One afternoon each month, I coordinate a nature outing or service learning activity for the children in our neighborhood. We usually meet at the park or our home where I lead them through a different hands-on activity. This past week, our activity focus was on native amphibians, specifically the Western Toad (Anaxyrus boreas).
The Western Toad is a large toad species, between 5.6 and 13 cm long, native to western North America. The range of Western Toad extends throughout the Pacific Northwest. Though the species occupies a variety of habitats, it is listed as near threatened largely due to the impact of disease and chemical contamination of the environment. We wanted to do something to help provide habitat for these animals.

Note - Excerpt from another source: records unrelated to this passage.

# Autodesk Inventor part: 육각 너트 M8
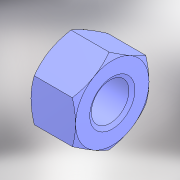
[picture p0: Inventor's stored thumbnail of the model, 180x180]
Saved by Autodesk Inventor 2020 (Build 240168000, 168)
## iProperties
Created: 2024-11
Part Number: 육각 너트 M8
Material: 강철, 연강
Description: 6각 너트 및 6각 가는 너트
Document SubType Name: Modeling
Designer: 1강의실14
Density: 7.85 g/cm^3
Appearance: 기본값
Author: jhkim
Sending System: Autodesk Inventor 2025
Preprocessor: ST-DEVELOPER v20
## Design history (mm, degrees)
feature "Solid1"
node "솔리드1"
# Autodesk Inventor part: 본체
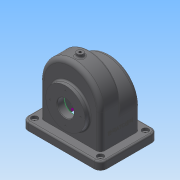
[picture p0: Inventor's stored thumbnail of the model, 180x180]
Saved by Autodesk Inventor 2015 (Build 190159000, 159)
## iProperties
Created: 2017-11
Part Number: 본체
Material: 알루미늄 6061
Document SubType Name: Modeling
Designer: user
Density: 2.7 g/cm^3
Appearance: 연회색
Mass: 1083.79 g
Surface Area: 1185.38 cm^2
Volume: 401.404 cm^3
Author: user
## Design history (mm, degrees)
sketch "스케치1"
  geometry: L1 (-58, 15)-(-58, -65); L2 (-58, -65)-(58, -65); L3 (58, -65)-(58, 15); C1 r 37.5 at (0, 0); A1 r 58 centre (0, 15) between (58, 15) and (-58, 15)
  constraints: 6 end point, 2 centre point, 2 point on circle, 1 perpendicular, 1 tangent, 1 vertical
extrude "돌출1" new body sketch "스케치1" distance "d18" = 9; taper "d19" = 0 deg
extrude "돌출2" join sketch "스케치1" distance "d20" = 38; taper "d21" = 0 deg
node "작업 평면1"
sketch "스케치2"
  geometry: C1 r 31 at (0, 0); 1 further point
  constraints: 1 centre point, 1 coincident
extrude "돌출3" join sketch "스케치2" distance "d30" = 10; taper "d31" = 0 deg
sketch "스케치3"
  geometry: L1 (58, -8)-(58, -65); L2 (58, -65)-(-58, -65); L3 (-58, -65)-(-58, -8); A1 r 58 centre (0, -8) between (58, -8) and (-58, -8); 1 further point
  constraints: 6 end point, 2 point on circle, 1 centre point, 1 perpendicular, 1 vertical
extrude "돌출4" join sketch "스케치3" distance "d39" = 38; taper "d40" = 0 deg
sketch "스케치4"
  geometry: C1 r 37.5 at (0, 0) reference; C2 r 16 at (0, 0)
  constraints: 1 centre point, 1 coincident
  dimensions: "d41" = 32 diameter of C2
extrude "돌출5" cut sketch "스케치4" distance "d42" = 14; taper "d43" = 0 deg
sketch "스케치5"
  geometry: L1 (-53, 14.446)-(-53, -65.554); L2 (53, 14.446)-(53, -65.554); L3 (-53, -65.554)-(53, -65.554); C1 r 16 at (0, 0) reference; A1 r 53 centre (0, 14.446) between (53, 14.446) and (-53, 14.446); A2 r 53 centre (0, -8.554) between (53, -8.554) and (-53, -8.554)
  constraints: 6 end point, 4 point on circle, 2 centre point, 2 point on line, 2 tangent, 2 vertical, 1 horizontal
extrude "돌출6" cut sketch "스케치5" distance "d49" = 66; taper "d50" = 0 deg
extrude "돌출7" cut sketch "스케치5" distance "d51" = 28; taper "d52" = 0 deg
extrude "돌출8" cut sketch "스케치5" distance "d53" = 95; taper "d54" = 0 deg
sketch "스케치6"
  geometry: L1 (133, 17)-(-17, 17); L2 (-17, 17)-(-17, -93); L3 (-17, -93)-(133, -93); L4 (133, 17)-(133, -93); L5 (-17, 17)-(-17, 5); L6 (-17, 17)-(-5, 17); L7 (133, -93)-(133, -81); L8 (133, -93)-(121, -93); L9 (116, 0)-(0, 0); L10 (0, 0)-(0, -76); L11 (0, -76)-(116, -76); L12 (116, -76)-(116, 0); L13 (111, -5)-(5, -5); L14 (5, -5)-(5, -71); L15 (5, -71)-(111, -71); L16 (111, -71)-(111, -5); C1 r 6 at (121, 5); C2 r 6 at (121, -81); C3 r 6 at (-5, -81); C4 r 6 at (-5, 5); C5 r 2.5 at (121, 5); C6 r 2.5 at (121, -81); C7 r 2.5 at (-5, -81); C8 r 2.5 at (-5, 5); 1 further point
  constraints: 32 end point, 8 centre point, 4 coincident, 4 parallel, 4 point on line, 3 perpendicular, 2 horizontal, 1 vertical
  dimensions: "d69" = 5 diameter of C5; "d70" = 5 diameter of C6; "d71" = 5 diameter of C7; "d72" = 5 diameter of C8
extrude "돌출15" join sketch "스케치6" distance "d86" = 15; taper "d87" = 0 deg
extrude "돌출16" join sketch "스케치6" distance "d88" = 10; taper "d89" = 0 deg
extrude "돌출17" join sketch "스케치6" distance "d90" = 10; taper "d91" = 0 deg
node "작업 평면3"
sketch "스케치8"
  geometry: C1 r 6 at (75, -36); 1 further point
  constraints: 1 centre point
  dimensions: "d95" = 12 diameter of C1
extrude "돌출18" join sketch "스케치8" stored distance "d96" = 0; taper "d97" = 0 deg
hole "구멍1" sketch "스케치8" diameter "d98" = 4.459; stored, may be unused: countersink angle "d102" = 82 deg, drill point angle "d104" = 118 deg; dims "d99" = 10, "d100" = 3.023, "d101" = 2, "d103" = 12.8
sketch "스케치9"
  geometry: L1 (0, 29)-(0, -29); L2 (-29, 0)-(29, 0); C1 r 37.5 at (0, 0) reference; A1 r 29 centre (0, 0) between (0, 29) and (0, -29)
  constraints: 4 end point, 4 point on circle, 1 centre point, 1 coincident, 1 perpendicular, 1 vertical
  dimensions: "d105" = 58 diameter of A1
hole "구멍2" sketch "스케치9" at (0, 29), (-29, 0), (29, 0), (0, -29) diameter "d106" = 2.459; stored, may be unused: countersink angle "d110" = 82 deg, drill point angle "d112" = 118 deg; dims "d107" = 6, "d108" = 3.023, "d109" = 2, "d111" = 8
sketch "스케치10"
  geometry: L1 (0, 26)-(0, -26); L2 (-26, 0)-(26, 0); C1 r 31 at (0, 0) reference; A1 r 26 centre (0, 0) between (0, 26) and (0, -26)
  constraints: 4 end point, 4 point on circle, 1 centre point, 1 coincident, 1 perpendicular, 1 vertical
  dimensions: "d113" = 52 diameter of A1
hole "구멍3" sketch "스케치10" at (0, 26), (-26, 0), (26, 0), (0, -26) diameter "d114" = 2.459; stored, may be unused: countersink angle "d118" = 82 deg, drill point angle "d120" = 118 deg; dims "d115" = 6, "d116" = 3.023, "d117" = 2, "d119" = 8
sketch "스케치11" dims "d51" = 28
  geometry: L1 (93, -80)-(-17, -80) reference; L2 (-7.073, -36.398)-(83.073, -36.398); L3 (83.073, -36.398)-(83.073, -43.602); L4 (83.073, -43.602)-(-7.073, -43.602); L5 (-7.073, -43.602)-(-7.073, -36.398); 1 further point
  constraints: 2 other
feature "엠보싱1" sketch "스케치11" dims "d125" = 0.5, "d126" = 0
fillet "모깎기1" dims "d127" = 3
fillet "모깎기2" dims "d128" = 8
fillet "모깎기3" dims "d129" = 12
fillet "모깎기4" dims "d130" = 3
chamfer "모따기1" distance "d131" = 1; stored, may be unused: second distance "d132" = 2, angle "d133" = 45 deg
chamfer "모따기2" distance "d134" = 1; stored, may be unused: second distance "d135" = 2, angle "d136" = 45 deg
fillet "모깎기5" dims "d137" = 3
node "솔리드1"
other parameters: "d22" = 48, "d26" = 116, "d92" = -144

Upon arrival, everyone gathered around the dining room table and took their time to paint a terracotta pot. Once dry, the pots will be placed in our backyards in the hopes of providing habitat for frogs and other small critters. When the kids finished painting their pots, we gathered on the carpet as I read excerpts from several books about frogs and toads.
We discussed the difference between frogs and toads, the concentration of poison in the skin of poison arrow frogs, rough skinned newts and others, as well as the life-cycle of amphibians. The kids also enjoyed a mini-activity called Hands-on Herps from Ranger Rick’s Let’s Hear it for Herps.
I love Roots & Shoots Tuesdays.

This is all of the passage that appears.